> **What is expected**
In the entries below, find the line with "edge.add_arc((0, 0), 0.45, 0, 360)" and print exactly every line from there up to and including the line with "blk = doc.blocks.new('_Oblique')", with no other lines.

Source records
┌────────
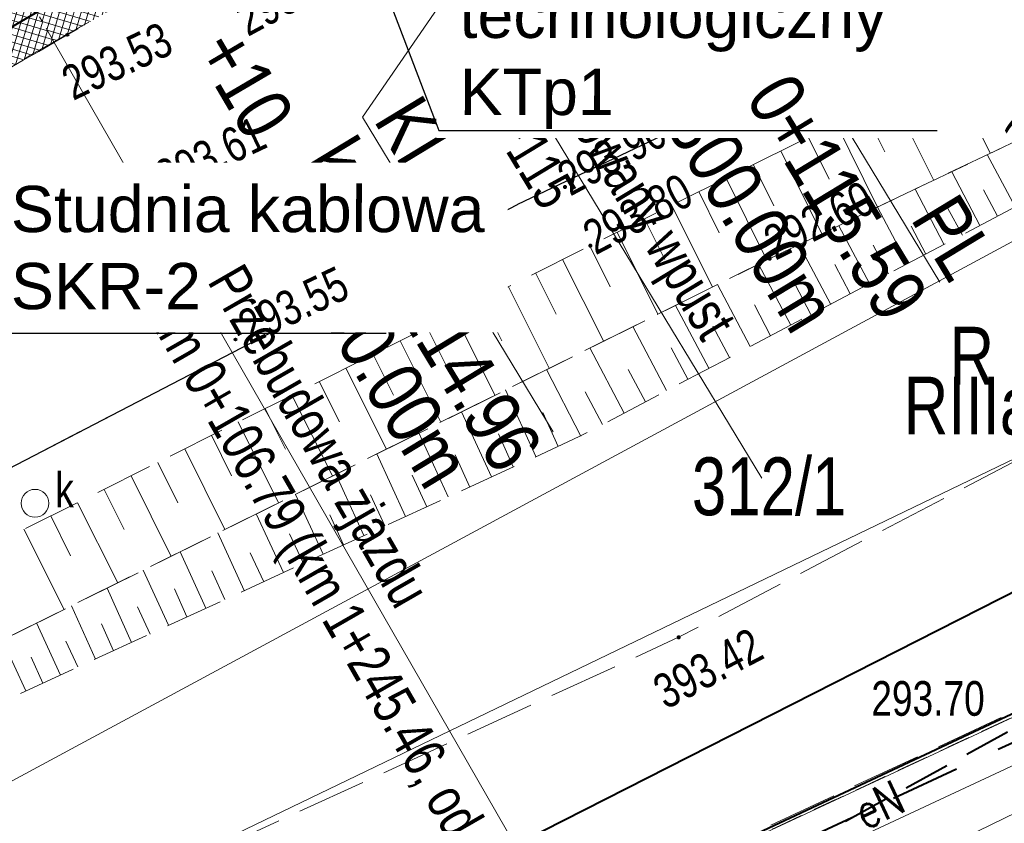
# Model space of a CAD drawing. Header units: metres. Extents: x 7437415 to 7437762, y 5556624 to 5556902.
# Tile 27 of 47: x 7437613 to 7437635, y 5556712 to 5556730. Entities that reach past the tile are written whole.
import ezdxf
from ezdxf import colors
from ezdxf.entities.mleader import LeaderData, LeaderLine
from ezdxf.math import Vec2, Vec3

# ---------------------------------------------------------------- set-up
doc = ezdxf.new("R2010")
doc.units = ezdxf.units.M
doc.header["$MEASUREMENT"] = 0
for name, pattern in [('314-500', [2.5, 2, -0.5]), ('BUBZ01-500', [1.75, 1.25, -0.5]), ('DGN Style 2', [6.14715, 3.68829, -2.45886]), ('DGN Style 4', [0.717182, 0.358367, -0.179184, 0.000447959, -0.179184]), ('EGBO02-500', [2.5, 1.5, -1]), ('EGBU01-500', [1, 0.5, -0.5]), ('KTCR02-500', [1.5, 1, -0.5]), ('KTJZ01-500', [2, 1.5, -0.5])]:
    doc.linetypes.add(name, pattern=pattern)
doc.layers.get('0').update_dxf_attribs({"color": 250, "lineweight": 5})
for name, color, linetype, lineweight in [('506-Właz okrągły-SK', 7, 'Continuous', 5), ('BUBZ01', 250, 'Continuous', 5), ('BUIB02_01', 250, 'Continuous', 5), ('D_kilometraz', 7, 'Continuous', 13), ('D_kraweznik obnizony', 7, 'DGN Style 2', 20), ('D_obrzeze', 7, 'Continuous', 20), ('D_opis trasy', 7, 'Continuous', 13), ('D_opisy', 7, 'Continuous', 13), ('D_osie', 1, 'DGN Style 4', 20), ('DS_zjazdy kostka', 30, 'Continuous', 0), ('EGBD03', 250, 'Continuous', 5), ('EGBK02', 250, 'Continuous', 5), ('EGBO02', 250, 'Continuous', 5), ('EGBU01', 250, 'Continuous', 5), ('Elektryka_kanalizacja_technologiczna', 1, '314-500', 40), ('Elektryka_opisy_kabli', 7, 'Continuous', 13), ('KTJZ01', 250, 'Continuous', 5), ('KTKR01', 250, 'Continuous', 5), ('KTOK05_01', 250, 'Continuous', 5), ('MPZP', 250, 'Continuous', 5), ('punkt wysokościowy sztuczny', 7, 'Continuous', 5), ('RTPW01', 250, 'Continuous', 5), ('RTPW02', 250, 'Continuous', 5), ('rzedne dla projektanta', 250, 'Continuous', 5), ('SUPE', 250, 'Continuous', 5), ('SUPG_01', 250, 'Continuous', 5), ('SUUS22_01_K', 250, 'Continuous', 5)]:
    doc.layers.add(name, color=color, linetype=linetype, lineweight=lineweight)
doc.styles.get("Standard").update_dxf_attribs({"font": 'txt.shx', "width": 0.75})
doc.styles.add('STYL_ARIAL', font='simplex.shx', dxfattribs={"width": 0.75, "oblique": 0.1})
doc.styles.add('Style-Arial Narrow', font='ARIALN.TTF')
doc.linetypes.add('KTOK05_01-500', pattern='A,3.75,[13,dgnlstyle-rozp_2015.shx,S=0.002778,R=0,X=0,Y=0],3.75', length=7.5)

# ---------------------------------------------------------------- blocks, each defined once
blk = doc.blocks.new('PW02')
at = {"layer": 'punkt wysokościowy sztuczny', "linetype": 'Continuous', "lineweight": 13}
h = blk.add_hatch(color=0, dxfattribs=at)
edge = h.paths.add_edge_path()
edge.add_arc((0, 0), 0.45, 0, 360)
blk = doc.blocks.new('506')
at = {"layer": '506-Właz okrągły-SK', "color": 0, "linetype": 'Continuous', "lineweight": 13}
blk.add_circle((0, 0), 3, dxfattribs=at)
blk = doc.blocks.new('_None')
blk = doc.blocks.new('_Oblique')
at = {"color": 0, "linetype": 'ByBlock', "lineweight": -2}
blk.add_line((-5, -5), (5, 5), dxfattribs=at)

msp = doc.modelspace()

# ---------------------------------------------------------------- hatches: boundary and pattern name
at = {"layer": 'DS_zjazdy kostka', "lineweight": 9}
h = msp.add_hatch(dxfattribs=at)
h.set_pattern_fill('CROSSHATCH', color=252, style=0, pattern_type=2)
h.set_pattern_definition([(73.467, (7437613.97886, 5556729.85095), (-0.143798, 0.042686), []), (343.467, (7437613.97886, 5556729.85095), (0.042686, 0.143798), [])])
h.paths.add_polyline_path([(7437614.198, 5556729.255, 0.002209), (7437616.872, 5556730.808), (7437614.826, 5556731.35, -0.00114), (7437613.45, 5556730.556)])
h = msp.add_hatch(dxfattribs=at)
h.set_pattern_fill('CROSSHATCH', color=252, style=0, pattern_type=2)
h.set_pattern_definition([(73.467, (7437612.971, 5556729.04775), (-0.143798, 0.042686), []), (343.467, (7437612.971, 5556729.04775), (0.042686, 0.143798), [])])
h.paths.add_polyline_path([(7437612.071, 5556729.767), (7437611.51, 5556727.726, 0.002209), (7437614.198, 5556729.255), (7437613.45, 5556730.556, -0.00114)])

# ---------------------------------------------------------------- linework, layer by layer
at = {"layer": 'BUBZ01', "color": 7, "linetype": 'BUBZ01-500', "lineweight": 13, "flags": 128}
for points in [[(7437640.99, 5556729.98), (7437629.68, 5556724.58), (7437608.73, 5556714.17), (7437608.14, 5556715.01), (7437608.99, 5556716.45), (7437625.8, 5556724.86), (7437640.18, 5556732), (7437640.99, 5556729.98)], [(7437629.68, 5556724.58), (7437640.99, 5556729.98), (7437641.62, 5556729.19), (7437625.56, 5556720.73), (7437609.12, 5556713.18), (7437608.71, 5556714.16), (7437629.68, 5556724.58)]]:
    msp.add_lwpolyline(points, close=True, dxfattribs=at)
at = {"layer": 'BUBZ01', "color": 7, "linetype": 'Continuous', "lineweight": 13, "flags": 128}
for points in [[(7437634.15, 5556729.01), (7437634.61, 5556728.08)], [(7437633.54, 5556728.7), (7437634.45, 5556726.86)], [(7437632.93, 5556728.4), (7437633.38, 5556727.48)], [(7437632.32, 5556728.1), (7437633.23, 5556726.27)], [(7437631.72, 5556727.8), (7437632.17, 5556726.89)], [(7437631.12, 5556727.5), (7437632.01, 5556725.69)], [(7437630.52, 5556727.2), (7437630.97, 5556726.3)], [(7437629.92, 5556726.91), (7437630.81, 5556725.12)], [(7437634.99, 5556725.7), (7437634.39, 5556726.83)], [(7437629.33, 5556726.61), (7437629.77, 5556725.72)], [(7437634.23, 5556725.3), (7437633.62, 5556726.46)], [(7437628.74, 5556726.32), (7437629.62, 5556724.55)], [(7437628.15, 5556726.03), (7437628.59, 5556725.14)], [(7437633.45, 5556724.89), (7437632.83, 5556726.08)], [(7437634.61, 5556725.5), (7437634.31, 5556726.07)], [(7437627.56, 5556725.73), (7437628.44, 5556723.96)], [(7437632.66, 5556724.47), (7437632.01, 5556725.69)], [(7437633.85, 5556725.09), (7437633.53, 5556725.68)], [(7437626.97, 5556725.44), (7437627.41, 5556724.56)], [(7437626.38, 5556725.15), (7437627.26, 5556723.38)], [(7437631.84, 5556724.04), (7437631.18, 5556725.29)], [(7437633.06, 5556724.68), (7437632.74, 5556725.28)], [(7437625.79, 5556724.86), (7437626.23, 5556723.97)], [(7437631, 5556723.59), (7437630.32, 5556724.88)], [(7437632.25, 5556724.25), (7437631.92, 5556724.87)], [(7437625.2, 5556724.56), (7437626.09, 5556722.79)], [(7437630.14, 5556723.14), (7437629.44, 5556724.46)], [(7437631.42, 5556723.82), (7437631.09, 5556724.45)], [(7437624.61, 5556724.27), (7437625.06, 5556723.38)], [(7437624.03, 5556723.97), (7437624.91, 5556722.21)], [(7437629.26, 5556722.68), (7437628.55, 5556724.02)], [(7437630.57, 5556723.37), (7437630.23, 5556724.02)], [(7437623.44, 5556723.68), (7437623.88, 5556722.8)], [(7437628.36, 5556722.21), (7437627.64, 5556723.57)], [(7437629.7, 5556722.91), (7437629.35, 5556723.58)], [(7437622.85, 5556723.39), (7437623.73, 5556721.63)], [(7437622.27, 5556723.09), (7437622.71, 5556722.21)], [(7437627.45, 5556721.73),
└────────
> **Answer to this task**
edge.add_arc((0, 0), 0.45, 0, 360)
blk = doc.blocks.new('506')
at = {"layer": '506-Właz okrągły-SK', "color": 0, "linetype": 'Continuous', "lineweight": 13}
blk.add_circle((0, 0), 3, dxfattribs=at)
blk = doc.blocks.new('_None')
blk = doc.blocks.new('_Oblique')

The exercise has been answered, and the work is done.